# Soldier dies at Fort Bragg



## Wicked1 (Jul 22, 2008)

Soldier dies at Fort Bragg


Investigators are looking into the death of an 82nd Airborne Division soldier Sunday at Fort Bragg, officials announced Monday.

Pfc. Luke J. Brown, 27, of Fredericksburg, Va., was an intelligence analyst with the division’s Headquarters and Headquarters Company. He had been assigned to the division since January.

“Private First Class Brown was a paratrooper with an upbeat personality who was happy-go-lucky and always tried to make people laugh,” said Capt. Eric von Fischer-Benzon, Brown’s company commander.

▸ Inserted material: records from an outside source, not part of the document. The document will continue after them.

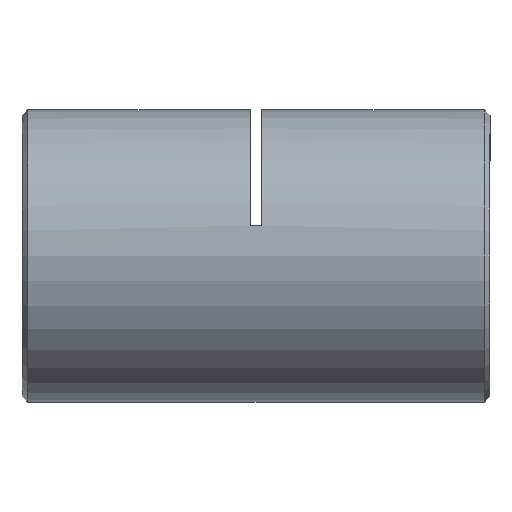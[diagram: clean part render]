
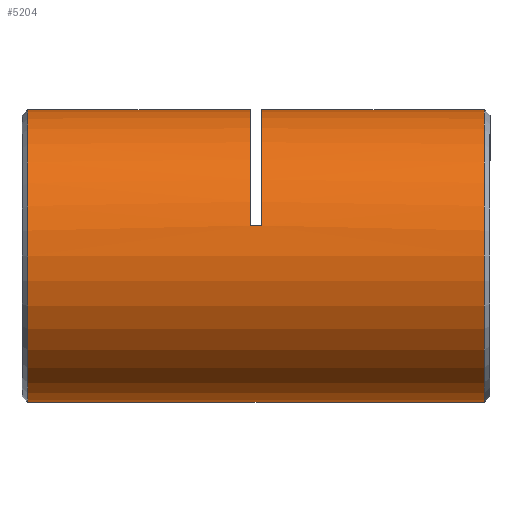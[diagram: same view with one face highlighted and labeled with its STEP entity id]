
A CAD part, left-side view. The second image highlights one B-rep face of the part: STEP entity #5204.
In plain terms, the highlighted cylindrical face has radius 12.5 mm (diameter 25 mm), a partial arc.
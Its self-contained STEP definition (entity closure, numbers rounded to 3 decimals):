
#83 = EDGE_CURVE ( 'NONE', #3165, #1426, #2230, .T. ) ;
#152 = DIRECTION ( 'NONE',  ( 0., 1., 0. ) ) ;
#281 = CIRCLE ( 'NONE', #1972, 12.5 ) ;
#354 = DIRECTION ( 'NONE',  ( 0., 0., 1. ) ) ;
#375 = VERTEX_POINT ( 'NONE', #2446 ) ;
#387 = CARTESIAN_POINT ( 'NONE',  ( 0., 39.75, 0. ) ) ;
#425 = LINE ( 'NONE', #4885, #4214 ) ;
#432 = DIRECTION ( 'NONE',  ( 0., -1., 0. ) ) ;
#444 = DIRECTION ( 'NONE',  ( 0., -1., 0. ) ) ;
#494 = CARTESIAN_POINT ( 'NONE',  ( 0., 40.5, 12.5 ) ) ;
#571 = DIRECTION ( 'NONE',  ( 0., -1., 0. ) ) ;
#597 = ORIENTED_EDGE ( 'NONE', *, *, #2009, .T. ) ;
#635 = CARTESIAN_POINT ( 'NONE',  ( 0., 0.75, -12.5 ) ) ;
#744 = VERTEX_POINT ( 'NONE', #635 ) ;
#969 = AXIS2_PLACEMENT_3D ( 'NONE', #2350, #571, #4620 ) ;
#983 = ORIENTED_EDGE ( 'NONE', *, *, #1139, .T. ) ;
#1114 = VERTEX_POINT ( 'NONE', #2074 ) ;
#1139 = EDGE_CURVE ( 'NONE', #5662, #1114, #281, .T. ) ;
#1189 = ORIENTED_EDGE ( 'NONE', *, *, #5439, .F. ) ;
#1224 = VECTOR ( 'NONE', #432, 1000. ) ;
#1234 = CARTESIAN_POINT ( 'NONE',  ( 0., 19.75, 12.5 ) ) ;
#1307 = VECTOR ( 'NONE', #2808, 1000. ) ;
#1408 = AXIS2_PLACEMENT_3D ( 'NONE', #4212, #152, #1953 ) ;
#1426 = VERTEX_POINT ( 'NONE', #5563 ) ;
#1459 = EDGE_CURVE ( 'NONE', #5662, #1426, #2873, .T. ) ;
#1672 = CARTESIAN_POINT ( 'NONE',  ( 0., 19.75, 0. ) ) ;
#1811 = AXIS2_PLACEMENT_3D ( 'NONE', #1672, #3503, #5472 ) ;
#1924 = CYLINDRICAL_SURFACE ( 'NONE', #969, 12.5 ) ;
#1953 = DIRECTION ( 'NONE',  ( 0., 0., 1. ) ) ;
#1972 = AXIS2_PLACEMENT_3D ( 'NONE', #387, #444, #5746 ) ;
#2009 = EDGE_CURVE ( 'NONE', #375, #3165, #425, .T. ) ;
#2074 = CARTESIAN_POINT ( 'NONE',  ( 0., 39.75, -12.5 ) ) ;
#2077 = CIRCLE ( 'NONE', #1408, 12.5 ) ;
#2230 = CIRCLE ( 'NONE', #4024, 12.5 ) ;
#2350 = CARTESIAN_POINT ( 'NONE',  ( 0., 40.5, 0. ) ) ;
#2446 = CARTESIAN_POINT ( 'NONE',  ( -12.226, 19.75, 2.604 ) ) ;
#2596 = CARTESIAN_POINT ( 'NONE',  ( 0., 20.75, 0. ) ) ;
#2689 = EDGE_CURVE ( 'NONE', #744, #4597, #2077, .T. ) ;
#2731 = CARTESIAN_POINT ( 'NONE',  ( 0., 0.75, 12.5 ) ) ;
#2808 = DIRECTION ( 'NONE',  ( 0., -1., 0. ) ) ;
#2873 = LINE ( 'NONE', #4832, #4723 ) ;
#2900 = EDGE_CURVE ( 'NONE', #5011, #4597, #5529, .T. ) ;
#2903 = CARTESIAN_POINT ( 'NONE',  ( 0., 39.75, 12.5 ) ) ;
#2945 = ORIENTED_EDGE ( 'NONE', *, *, #2900, .F. ) ;
#3126 = ORIENTED_EDGE ( 'NONE', *, *, #2689, .T. ) ;
#3165 = VERTEX_POINT ( 'NONE', #4770 ) ;
#3411 = DIRECTION ( 'NONE',  ( 0., 1., 0. ) ) ;
#3503 = DIRECTION ( 'NONE',  ( 0., 1., 0. ) ) ;
#3666 = FACE_OUTER_BOUND ( 'NONE', #4983, .T. ) ;
#3850 = ORIENTED_EDGE ( 'NONE', *, *, #83, .T. ) ;
#3981 = CARTESIAN_POINT ( 'NONE',  ( 0., 40.5, -12.5 ) ) ;
#4024 = AXIS2_PLACEMENT_3D ( 'NONE', #2596, #3411, #354 ) ;
#4115 = ORIENTED_EDGE ( 'NONE', *, *, #1459, .F. ) ;
#4212 = CARTESIAN_POINT ( 'NONE',  ( 0., 0.75, 0. ) ) ;
#4214 = VECTOR ( 'NONE', #4442, 1000. ) ;
#4442 = DIRECTION ( 'NONE',  ( 0., 1., 0. ) ) ;
#4455 = CIRCLE ( 'NONE', #1811, 12.5 ) ;
#4581 = EDGE_CURVE ( 'NONE', #1114, #744, #4925, .T. ) ;
#4597 = VERTEX_POINT ( 'NONE', #2731 ) ;
#4620 = DIRECTION ( 'NONE',  ( 0., 0., -1. ) ) ;
#4625 = ORIENTED_EDGE ( 'NONE', *, *, #4581, .T. ) ;
#4723 = VECTOR ( 'NONE', #5313, 1000. ) ;
#4770 = CARTESIAN_POINT ( 'NONE',  ( -12.226, 20.75, 2.604 ) ) ;
#4832 = CARTESIAN_POINT ( 'NONE',  ( 0., 40.5, 12.5 ) ) ;
#4885 = CARTESIAN_POINT ( 'NONE',  ( -12.226, 20.25, 2.604 ) ) ;
#4925 = LINE ( 'NONE', #3981, #1224 ) ;
#4983 = EDGE_LOOP ( 'NONE', ( #4115, #983, #4625, #3126, #2945, #1189, #597, #3850 ) ) ;
#5011 = VERTEX_POINT ( 'NONE', #1234 ) ;
#5204 = ADVANCED_FACE ( 'NONE', ( #3666 ), #1924, .T. ) ;
#5313 = DIRECTION ( 'NONE',  ( 0., -1., 0. ) ) ;
#5439 = EDGE_CURVE ( 'NONE', #375, #5011, #4455, .T. ) ;
#5472 = DIRECTION ( 'NONE',  ( 0., 0., 1. ) ) ;
#5529 = LINE ( 'NONE', #494, #1307 ) ;
#5563 = CARTESIAN_POINT ( 'NONE',  ( 0., 20.75, 12.5 ) ) ;
#5662 = VERTEX_POINT ( 'NONE', #2903 ) ;
#5746 = DIRECTION ( 'NONE',  ( 0., 0., -1. ) ) ;

“Although Brown was only in the company a short time, he was admired by his peers and he will be greatly missed.”

Brown joined the Army in January 2007. After completing initial training and airborne school, he was assigned to Fort Bragg.

Brown is survived by his parents, Bradley and Lucy Brown of Fredericksburg.

RIP


----------



## 8'Duece (Jul 22, 2008)

Sketchy details, or hardly none at all.  Foul play ? Drugs ? Congenital heart problem ?

Rest easy PFC Brown and thank you for service.


----------



## LibraryLady (Jul 22, 2008)

RIP PFC Brown

Prayers out to your family

LL


----------



## Rabid Badger (Jul 22, 2008)

RIP PFC Brown


----------



## 0699 (Jul 22, 2008)

RIP Warrior.


----------



## Ravage (Jul 22, 2008)

RIP 82nd


----------



## HoosierAnnie (Jul 22, 2008)

Rest Well, Trooper


----------



## Gypsy (Jul 22, 2008)

RIP.


----------



## car (Jul 22, 2008)

RIP Little Brother


----------



## RackMaster (Jul 22, 2008)

RIP.


----------



## tova (Jul 22, 2008)

RIP, Godspeed, PBS....


----------



## Viper1 (Jul 23, 2008)

Bragg is getting way too much press over these recent deaths.

RIP Soldier.


----------



## Trip_Wire (Jul 23, 2008)

RIP Soldier


----------



## Swill (Jul 23, 2008)

RIP Trooper.


----------



## Jacob (Jul 23, 2008)

RIP.


----------



## Wicked1 (Jul 24, 2008)

*story - updated*

http://www.wral.com/news/news_briefs/story/3262959/



> Soldier found dead in car on Fort Bragg
> Posted: 21 minutes ago
> FORT BRAGG, N.C.
> 
> ...



RIP PFC Brown


----------